= Beginning of Section =
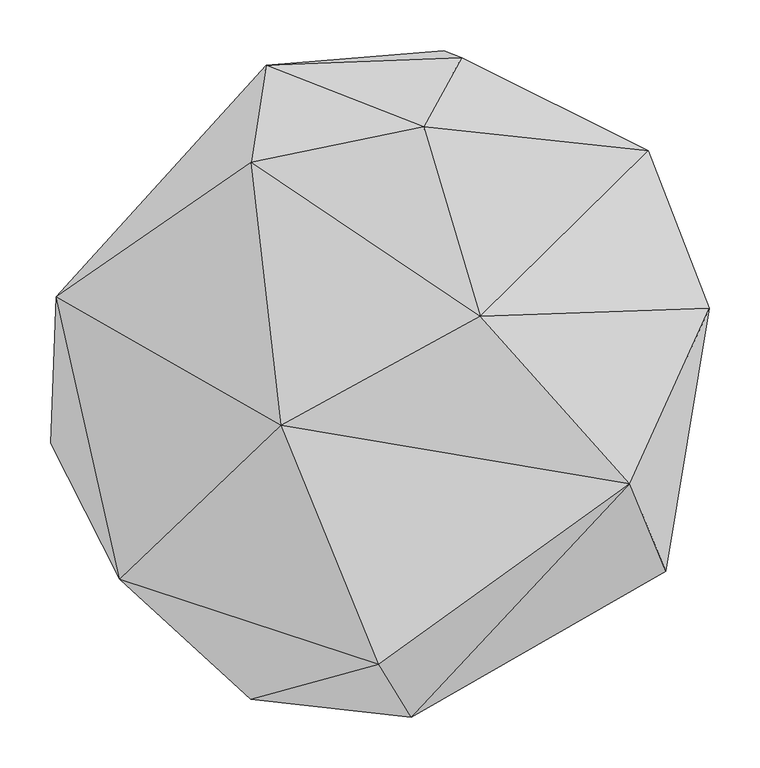
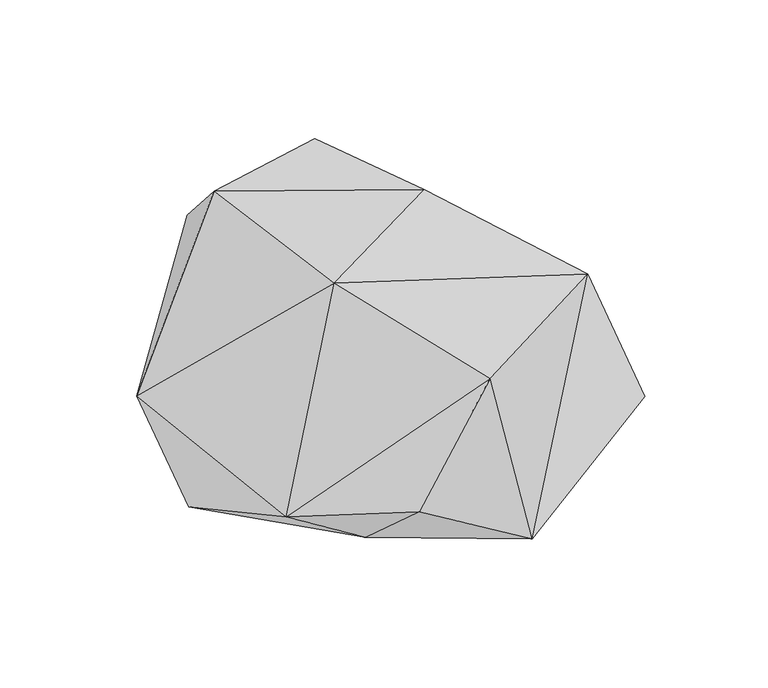
"""IFC4 building model written with IfcOpenShell, lengths in millimetres: geographic element geometry, Enscape AssetDefinition - Bush 067 Blue Fescue : Enscape AssetDefinition - Bush 067 Blue Fescue."""

from ifc_helpers import new_model, si_unit, origin, place, context, project, spatial, faceted_brep, source, transform, mapped, element, save


def geographic_element_765c0492(model_context):
    return source(origin(), model_context, "Body", "Brep", [
        faceted_brep([(251.1489987, 226.5100032, 60.7430004), (311.033994, 70.9460005, 118.4879988), (289.8010015, -2.749, 24.0529999), (268.0009902, -188.9420003, 97.1650034), (232.8229994, -102.6019976, 250.6119907), (84.7430006, 63.1560013, 335.4850113), (154.945001, -125.0769943, -0.359), (116.3270026, 116.6080013, 0.0), (16.9009995, -333.2819939, 48.1190011), (-15.1899997, -280.7500064, 280.4259956), (-111.8260026, -44.7070003, 321.9749928), (-141.5710002, 215.2640074, 319.8809922), (29.2249992, 250.3719926, 322.0750093), (-271.4389861, -196.7149973, 100.6689966), (-333.8690102, 82.4719965, 144.0880001), (-141.6420043, -315.1260018, 134.7180009), (-133.7900013, -163.308993, -0.029), (-339.6469951, -62.2249991, 59.1700003), (-206.0219944, 63.9680028, -0.016), (-197.8230029, 229.3030024, 55.6700006), (-126.4279932, 311.1569881, 218.8390046), (48.6560017, 325.5510032, 59.5199987), (66.7610019, 318.4059858, 202.3009956), (-76.4829963, 156.1460048, -1.7509999)], [[[0, 1, 2]], [[1, 3, 2]], [[4, 3, 1]], [[4, 1, 5]], [[1, 0, 5]], [[2, 3, 6]], [[2, 6, 7]], [[2, 7, 0]], [[8, 3, 4]], [[3, 8, 6]], [[9, 8, 4]], [[10, 4, 5]], [[9, 4, 10]], [[11, 5, 12]], [[10, 5, 11]], [[12, 5, 0]], [[13, 9, 10]], [[10, 11, 14]], [[10, 14, 13]], [[13, 15, 9]], [[15, 8, 9]], [[8, 15, 16]], [[6, 8, 16]], [[15, 13, 16]], [[14, 17, 13]], [[17, 16, 13]], [[14, 18, 17]], [[19, 18, 14]], [[14, 11, 20]], [[20, 19, 14]], [[12, 20, 11]], [[21, 19, 20]], [[12, 22, 20]], [[21, 20, 22]], [[19, 23, 18]], [[19, 21, 23]], [[18, 23, 6]], [[17, 18, 16]], [[16, 18, 6]], [[23, 21, 7]], [[7, 6, 23]], [[21, 0, 7]], [[22, 0, 21]], [[12, 0, 22]]]),
    ])


if __name__ == "__main__":
    model = new_model("IFC4")
    model_context = context("Model", 3, world=origin())
    ifc_project = project(units=[si_unit("LENGTHUNIT", "METRE", prefix="MILLI")], contexts=[model_context])
    site = spatial("IfcSite", under=ifc_project)
    building = spatial("IfcBuilding", under=site)
    placement = place(None, origin())
    geographic_element_shape = geographic_element_765c0492(model_context)
    element("IfcGeographicElement", 1, ObjectType="Enscape AssetDefinition - Bush 067 Blue Fescue : Enscape AssetDefinition - Bush 067 Blue Fescue", at=placement, inside=building, context=model_context, shape_type="MappedRepresentation", body=[
        mapped(geographic_element_shape, transform((0.0, 0.0, 0.0), x_axis=(1.0, 0.0, 0.0), y_axis=(0.0, 1.0, 0.0), z_axis=(0.0, 0.0, 1.0))),
    ])
    save(model, "model.ifc")

# Revit data of these elements
# Type "Enscape AssetDefinition - Bush 067 Blue Fescue : Enscape AssetDefinition - Bush 067 Blue Fescue"
#   EnscapeAssetSource = "REMOTE"
#   EnscapeAssetId = "0cf11ac6-b57d-4a71-bc34-b1c1f1ddb68a"
#   Height = 0.335485 m
#   EnscapeNativeAssetHeight = 0.335485 m
#   Default Elevation = 0
= End of Section =
● Task directions
Whichever lines of the material hold the word "site", find and copy them.

● Response to this exercise
    site = spatial("IfcSite", under=ifc_project)
    building = spatial("IfcBuilding", under=site)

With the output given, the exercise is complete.